**WORK INSTRUCTION**
All lines of the records below that contain the word "Flanschplatten" must be listed.
START INFORMATION SHOWN
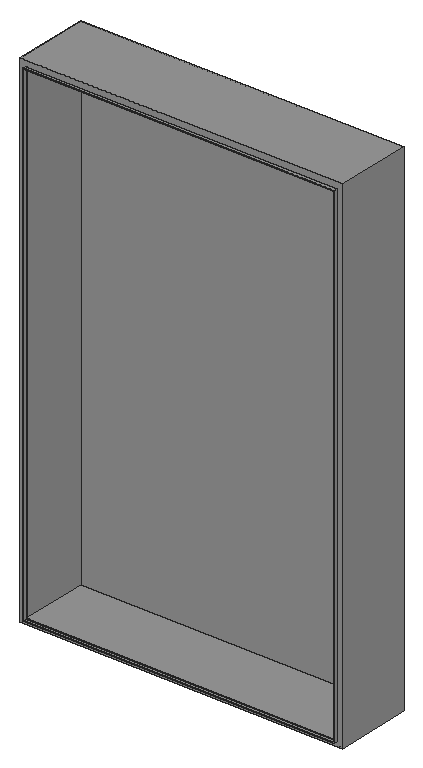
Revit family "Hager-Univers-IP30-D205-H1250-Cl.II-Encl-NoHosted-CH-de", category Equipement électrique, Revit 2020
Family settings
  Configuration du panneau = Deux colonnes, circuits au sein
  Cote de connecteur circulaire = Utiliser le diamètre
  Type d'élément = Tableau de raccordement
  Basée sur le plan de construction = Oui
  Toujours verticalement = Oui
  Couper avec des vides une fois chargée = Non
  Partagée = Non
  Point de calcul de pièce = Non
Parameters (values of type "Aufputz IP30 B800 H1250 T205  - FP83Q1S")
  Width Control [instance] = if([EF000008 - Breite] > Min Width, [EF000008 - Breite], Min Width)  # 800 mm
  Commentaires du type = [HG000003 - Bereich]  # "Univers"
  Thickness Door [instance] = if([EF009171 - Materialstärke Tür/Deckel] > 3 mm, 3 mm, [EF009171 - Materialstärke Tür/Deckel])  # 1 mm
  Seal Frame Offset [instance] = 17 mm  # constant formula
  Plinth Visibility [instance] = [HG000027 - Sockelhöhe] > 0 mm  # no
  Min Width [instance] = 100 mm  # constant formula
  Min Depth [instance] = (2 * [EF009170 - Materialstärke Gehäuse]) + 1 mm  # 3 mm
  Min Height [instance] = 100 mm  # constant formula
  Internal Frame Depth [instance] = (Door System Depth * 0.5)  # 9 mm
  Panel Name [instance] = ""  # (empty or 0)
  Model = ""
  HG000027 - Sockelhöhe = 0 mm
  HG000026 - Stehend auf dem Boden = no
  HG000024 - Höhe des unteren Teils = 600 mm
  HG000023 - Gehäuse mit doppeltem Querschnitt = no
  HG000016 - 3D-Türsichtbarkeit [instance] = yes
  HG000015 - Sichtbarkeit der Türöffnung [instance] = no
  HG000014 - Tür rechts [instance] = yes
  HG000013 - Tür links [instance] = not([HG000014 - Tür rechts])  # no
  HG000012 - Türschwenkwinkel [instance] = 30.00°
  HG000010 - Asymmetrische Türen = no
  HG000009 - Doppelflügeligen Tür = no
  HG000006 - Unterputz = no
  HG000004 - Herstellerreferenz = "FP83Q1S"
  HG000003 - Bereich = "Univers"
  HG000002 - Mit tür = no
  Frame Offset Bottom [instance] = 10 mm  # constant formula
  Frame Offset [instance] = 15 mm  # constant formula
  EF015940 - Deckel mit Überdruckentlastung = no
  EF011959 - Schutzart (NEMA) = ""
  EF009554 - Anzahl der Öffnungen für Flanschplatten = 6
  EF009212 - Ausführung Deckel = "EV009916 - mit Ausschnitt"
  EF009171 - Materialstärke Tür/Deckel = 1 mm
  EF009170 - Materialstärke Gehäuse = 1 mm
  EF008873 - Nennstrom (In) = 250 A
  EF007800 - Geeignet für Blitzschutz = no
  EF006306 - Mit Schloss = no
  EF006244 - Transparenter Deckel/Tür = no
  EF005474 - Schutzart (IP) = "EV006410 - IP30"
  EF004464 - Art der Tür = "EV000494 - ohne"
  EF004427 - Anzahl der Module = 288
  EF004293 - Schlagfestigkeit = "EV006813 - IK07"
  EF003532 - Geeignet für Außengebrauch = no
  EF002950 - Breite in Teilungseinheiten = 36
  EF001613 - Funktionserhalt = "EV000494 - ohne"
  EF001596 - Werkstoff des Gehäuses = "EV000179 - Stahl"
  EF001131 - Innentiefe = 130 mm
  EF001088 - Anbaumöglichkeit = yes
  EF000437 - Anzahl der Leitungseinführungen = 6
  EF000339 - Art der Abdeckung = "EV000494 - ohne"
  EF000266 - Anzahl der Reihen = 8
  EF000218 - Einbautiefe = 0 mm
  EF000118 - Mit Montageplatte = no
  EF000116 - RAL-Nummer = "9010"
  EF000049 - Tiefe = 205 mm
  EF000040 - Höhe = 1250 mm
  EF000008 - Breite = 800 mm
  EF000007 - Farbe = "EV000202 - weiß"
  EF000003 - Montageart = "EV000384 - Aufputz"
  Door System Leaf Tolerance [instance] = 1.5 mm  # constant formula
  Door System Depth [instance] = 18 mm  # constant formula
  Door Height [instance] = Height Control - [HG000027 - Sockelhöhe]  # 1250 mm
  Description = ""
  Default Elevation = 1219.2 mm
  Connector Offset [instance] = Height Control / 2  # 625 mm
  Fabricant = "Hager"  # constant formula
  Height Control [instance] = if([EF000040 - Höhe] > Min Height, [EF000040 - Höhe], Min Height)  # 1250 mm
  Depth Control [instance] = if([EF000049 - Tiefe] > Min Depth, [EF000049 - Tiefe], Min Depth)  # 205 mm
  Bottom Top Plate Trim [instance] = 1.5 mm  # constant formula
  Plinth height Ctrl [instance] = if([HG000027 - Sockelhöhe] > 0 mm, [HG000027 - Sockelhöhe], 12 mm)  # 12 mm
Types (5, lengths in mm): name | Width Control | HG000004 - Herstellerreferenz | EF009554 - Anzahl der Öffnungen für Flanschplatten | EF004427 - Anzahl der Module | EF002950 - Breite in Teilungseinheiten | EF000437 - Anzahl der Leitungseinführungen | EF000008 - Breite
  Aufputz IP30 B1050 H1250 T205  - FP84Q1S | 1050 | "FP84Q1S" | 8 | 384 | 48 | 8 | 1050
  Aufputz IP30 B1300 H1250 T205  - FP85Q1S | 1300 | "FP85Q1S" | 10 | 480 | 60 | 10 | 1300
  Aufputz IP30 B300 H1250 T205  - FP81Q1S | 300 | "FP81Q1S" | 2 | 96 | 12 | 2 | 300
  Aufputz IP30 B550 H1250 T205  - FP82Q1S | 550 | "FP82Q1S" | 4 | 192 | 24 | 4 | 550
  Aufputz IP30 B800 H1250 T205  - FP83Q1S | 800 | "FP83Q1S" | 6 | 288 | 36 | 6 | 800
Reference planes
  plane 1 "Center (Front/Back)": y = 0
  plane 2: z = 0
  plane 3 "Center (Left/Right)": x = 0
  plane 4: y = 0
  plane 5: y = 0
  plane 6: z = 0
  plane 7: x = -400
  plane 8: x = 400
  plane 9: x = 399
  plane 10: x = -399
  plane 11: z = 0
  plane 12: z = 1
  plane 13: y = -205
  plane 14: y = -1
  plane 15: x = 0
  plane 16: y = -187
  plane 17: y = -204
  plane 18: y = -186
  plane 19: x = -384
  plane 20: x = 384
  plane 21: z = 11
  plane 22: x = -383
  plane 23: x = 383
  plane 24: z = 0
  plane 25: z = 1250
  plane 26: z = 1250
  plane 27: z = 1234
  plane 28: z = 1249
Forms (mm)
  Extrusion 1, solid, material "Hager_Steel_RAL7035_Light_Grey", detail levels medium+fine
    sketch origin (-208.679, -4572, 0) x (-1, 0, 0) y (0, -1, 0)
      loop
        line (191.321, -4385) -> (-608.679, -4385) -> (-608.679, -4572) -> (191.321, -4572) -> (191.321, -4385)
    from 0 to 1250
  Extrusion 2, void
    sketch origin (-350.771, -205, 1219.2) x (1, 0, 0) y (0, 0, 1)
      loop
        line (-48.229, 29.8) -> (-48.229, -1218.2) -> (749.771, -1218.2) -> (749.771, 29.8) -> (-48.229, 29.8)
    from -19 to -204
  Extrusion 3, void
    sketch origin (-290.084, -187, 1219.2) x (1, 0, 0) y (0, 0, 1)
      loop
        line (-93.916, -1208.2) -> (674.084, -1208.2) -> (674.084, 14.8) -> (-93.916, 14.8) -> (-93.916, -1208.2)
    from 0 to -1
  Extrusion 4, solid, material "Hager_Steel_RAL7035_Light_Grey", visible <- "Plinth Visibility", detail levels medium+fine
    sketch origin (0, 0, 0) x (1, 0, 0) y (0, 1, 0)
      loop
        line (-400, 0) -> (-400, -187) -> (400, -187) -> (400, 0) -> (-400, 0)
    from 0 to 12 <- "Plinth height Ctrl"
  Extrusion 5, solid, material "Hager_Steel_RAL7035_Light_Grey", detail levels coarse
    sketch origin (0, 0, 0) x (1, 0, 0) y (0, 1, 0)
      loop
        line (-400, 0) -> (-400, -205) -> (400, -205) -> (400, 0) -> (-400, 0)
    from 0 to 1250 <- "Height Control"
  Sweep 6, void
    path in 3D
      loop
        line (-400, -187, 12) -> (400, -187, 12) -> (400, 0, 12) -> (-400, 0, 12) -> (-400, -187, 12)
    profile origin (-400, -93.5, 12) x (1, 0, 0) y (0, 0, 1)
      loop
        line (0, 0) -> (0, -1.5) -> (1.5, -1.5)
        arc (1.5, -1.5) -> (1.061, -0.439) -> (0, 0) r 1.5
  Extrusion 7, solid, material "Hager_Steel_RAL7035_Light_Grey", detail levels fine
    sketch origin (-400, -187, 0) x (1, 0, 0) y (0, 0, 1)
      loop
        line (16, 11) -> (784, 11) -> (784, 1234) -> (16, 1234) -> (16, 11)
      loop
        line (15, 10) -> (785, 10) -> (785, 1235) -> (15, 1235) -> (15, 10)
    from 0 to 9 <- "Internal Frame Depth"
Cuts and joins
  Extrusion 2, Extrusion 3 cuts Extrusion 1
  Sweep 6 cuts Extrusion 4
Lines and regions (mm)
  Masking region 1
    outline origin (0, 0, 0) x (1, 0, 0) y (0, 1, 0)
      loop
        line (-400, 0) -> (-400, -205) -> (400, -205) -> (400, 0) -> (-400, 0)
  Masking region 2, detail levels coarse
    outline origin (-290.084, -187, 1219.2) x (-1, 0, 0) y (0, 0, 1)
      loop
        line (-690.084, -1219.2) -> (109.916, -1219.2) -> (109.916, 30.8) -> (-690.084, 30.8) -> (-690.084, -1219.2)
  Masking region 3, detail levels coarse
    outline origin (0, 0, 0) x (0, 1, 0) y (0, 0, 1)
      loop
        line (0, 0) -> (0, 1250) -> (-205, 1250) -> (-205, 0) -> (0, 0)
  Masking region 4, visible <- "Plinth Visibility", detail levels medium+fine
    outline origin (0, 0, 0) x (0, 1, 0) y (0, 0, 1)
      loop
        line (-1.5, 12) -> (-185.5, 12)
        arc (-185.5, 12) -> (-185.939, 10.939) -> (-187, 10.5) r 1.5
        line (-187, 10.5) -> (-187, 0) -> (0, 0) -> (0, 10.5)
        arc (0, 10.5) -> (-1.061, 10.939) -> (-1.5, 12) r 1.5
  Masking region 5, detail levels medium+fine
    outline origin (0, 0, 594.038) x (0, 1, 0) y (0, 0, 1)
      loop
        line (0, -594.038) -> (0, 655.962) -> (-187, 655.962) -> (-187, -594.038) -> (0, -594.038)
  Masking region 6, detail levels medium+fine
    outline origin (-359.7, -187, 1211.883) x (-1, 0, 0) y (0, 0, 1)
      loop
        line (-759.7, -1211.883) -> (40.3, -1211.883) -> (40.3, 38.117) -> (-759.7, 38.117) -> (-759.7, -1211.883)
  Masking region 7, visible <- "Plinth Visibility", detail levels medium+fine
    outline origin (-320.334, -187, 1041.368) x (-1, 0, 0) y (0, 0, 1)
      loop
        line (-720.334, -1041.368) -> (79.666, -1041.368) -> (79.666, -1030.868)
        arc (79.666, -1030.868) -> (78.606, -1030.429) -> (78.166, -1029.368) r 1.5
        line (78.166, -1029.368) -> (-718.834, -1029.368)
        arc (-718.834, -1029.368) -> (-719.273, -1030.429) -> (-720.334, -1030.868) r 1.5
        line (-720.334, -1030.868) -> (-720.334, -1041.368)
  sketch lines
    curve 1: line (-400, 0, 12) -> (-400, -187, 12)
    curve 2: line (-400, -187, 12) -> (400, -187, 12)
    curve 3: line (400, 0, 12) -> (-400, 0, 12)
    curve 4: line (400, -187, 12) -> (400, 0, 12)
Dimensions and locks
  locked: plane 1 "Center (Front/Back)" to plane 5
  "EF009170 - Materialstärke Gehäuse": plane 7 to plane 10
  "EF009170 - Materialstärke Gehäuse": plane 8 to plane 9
END INFORMATION SHOWN
**ANSWER FOR THIS EXERCISE**
  EF009554 - Anzahl der Öffnungen für Flanschplatten = 6
Types (5, lengths in mm): name | Width Control | HG000004 - Herstellerreferenz | EF009554 - Anzahl der Öffnungen für Flanschplatten | EF004427 - Anzahl der Module | EF002950 - Breite in Teilungseinheiten | EF000437 - Anzahl der Leitungseinführungen | EF000008 - Breite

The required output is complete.